_About this task_
Among the entries that follow, find the lines containing the string "source" and copy them.

(Extracted records)
--
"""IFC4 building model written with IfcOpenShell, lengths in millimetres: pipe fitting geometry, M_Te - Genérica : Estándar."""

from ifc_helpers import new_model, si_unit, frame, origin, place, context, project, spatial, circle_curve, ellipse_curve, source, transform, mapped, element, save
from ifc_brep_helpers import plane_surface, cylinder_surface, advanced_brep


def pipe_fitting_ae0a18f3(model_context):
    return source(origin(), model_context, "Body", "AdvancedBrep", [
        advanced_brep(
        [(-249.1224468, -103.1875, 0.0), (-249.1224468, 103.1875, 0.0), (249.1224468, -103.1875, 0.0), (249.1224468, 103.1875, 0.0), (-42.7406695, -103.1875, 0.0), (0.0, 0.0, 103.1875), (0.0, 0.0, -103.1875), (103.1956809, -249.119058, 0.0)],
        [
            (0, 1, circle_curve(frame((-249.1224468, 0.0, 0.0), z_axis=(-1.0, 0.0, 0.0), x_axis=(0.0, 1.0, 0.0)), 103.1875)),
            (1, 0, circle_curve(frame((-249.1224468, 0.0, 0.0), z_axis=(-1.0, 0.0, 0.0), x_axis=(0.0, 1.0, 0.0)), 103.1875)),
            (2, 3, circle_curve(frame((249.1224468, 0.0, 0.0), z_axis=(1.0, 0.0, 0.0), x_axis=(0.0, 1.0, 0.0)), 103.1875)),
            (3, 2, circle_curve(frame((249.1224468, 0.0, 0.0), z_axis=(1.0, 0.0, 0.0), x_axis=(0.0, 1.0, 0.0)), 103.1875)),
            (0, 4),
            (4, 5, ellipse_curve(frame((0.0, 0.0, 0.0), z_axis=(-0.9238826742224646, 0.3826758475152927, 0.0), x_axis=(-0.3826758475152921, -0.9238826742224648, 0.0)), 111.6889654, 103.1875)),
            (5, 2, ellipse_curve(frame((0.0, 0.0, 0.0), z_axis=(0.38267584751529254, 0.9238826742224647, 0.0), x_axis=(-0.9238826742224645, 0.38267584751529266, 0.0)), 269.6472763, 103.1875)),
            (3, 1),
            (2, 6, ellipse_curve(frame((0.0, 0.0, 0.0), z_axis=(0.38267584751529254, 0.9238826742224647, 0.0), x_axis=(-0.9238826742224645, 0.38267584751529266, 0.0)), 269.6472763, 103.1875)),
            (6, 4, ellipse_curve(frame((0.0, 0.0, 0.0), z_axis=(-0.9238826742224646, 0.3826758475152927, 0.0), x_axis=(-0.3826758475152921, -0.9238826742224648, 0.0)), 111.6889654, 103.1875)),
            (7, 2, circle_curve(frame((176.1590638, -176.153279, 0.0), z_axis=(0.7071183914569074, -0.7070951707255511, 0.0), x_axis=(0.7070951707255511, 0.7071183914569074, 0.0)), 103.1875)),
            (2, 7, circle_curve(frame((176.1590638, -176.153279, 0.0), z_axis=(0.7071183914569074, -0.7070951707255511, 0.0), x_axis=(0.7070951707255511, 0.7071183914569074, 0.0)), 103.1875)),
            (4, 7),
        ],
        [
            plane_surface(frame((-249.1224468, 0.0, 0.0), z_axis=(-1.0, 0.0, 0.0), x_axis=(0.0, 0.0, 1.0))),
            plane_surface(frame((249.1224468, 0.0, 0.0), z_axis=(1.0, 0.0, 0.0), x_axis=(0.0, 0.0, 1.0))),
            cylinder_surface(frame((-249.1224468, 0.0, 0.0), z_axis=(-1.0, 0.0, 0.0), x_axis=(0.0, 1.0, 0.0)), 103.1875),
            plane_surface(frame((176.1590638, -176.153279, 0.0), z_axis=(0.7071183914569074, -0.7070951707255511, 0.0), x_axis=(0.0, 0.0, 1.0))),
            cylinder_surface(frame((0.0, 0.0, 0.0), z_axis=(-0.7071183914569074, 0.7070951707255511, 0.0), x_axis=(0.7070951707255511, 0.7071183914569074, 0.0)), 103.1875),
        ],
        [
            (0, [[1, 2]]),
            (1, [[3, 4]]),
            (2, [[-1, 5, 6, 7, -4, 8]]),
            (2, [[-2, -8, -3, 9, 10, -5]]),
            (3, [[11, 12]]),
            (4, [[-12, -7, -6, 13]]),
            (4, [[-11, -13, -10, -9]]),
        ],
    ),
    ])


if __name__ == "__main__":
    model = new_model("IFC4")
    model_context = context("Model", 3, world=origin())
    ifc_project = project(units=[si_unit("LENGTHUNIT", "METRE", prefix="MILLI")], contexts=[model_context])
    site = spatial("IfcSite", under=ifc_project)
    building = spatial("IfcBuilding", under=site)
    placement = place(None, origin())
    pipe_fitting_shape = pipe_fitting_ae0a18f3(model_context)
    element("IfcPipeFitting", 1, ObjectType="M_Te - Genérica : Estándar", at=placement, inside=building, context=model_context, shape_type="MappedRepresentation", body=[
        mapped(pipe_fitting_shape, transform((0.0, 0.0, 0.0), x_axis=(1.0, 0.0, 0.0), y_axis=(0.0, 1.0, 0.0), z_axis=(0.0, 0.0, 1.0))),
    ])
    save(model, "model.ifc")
--
_Your response_
from ifc_helpers import new_model, si_unit, frame, origin, place, context, project, spatial, circle_curve, ellipse_curve, source, transform, mapped, element, save
    return source(origin(), model_context, "Body", "AdvancedBrep", [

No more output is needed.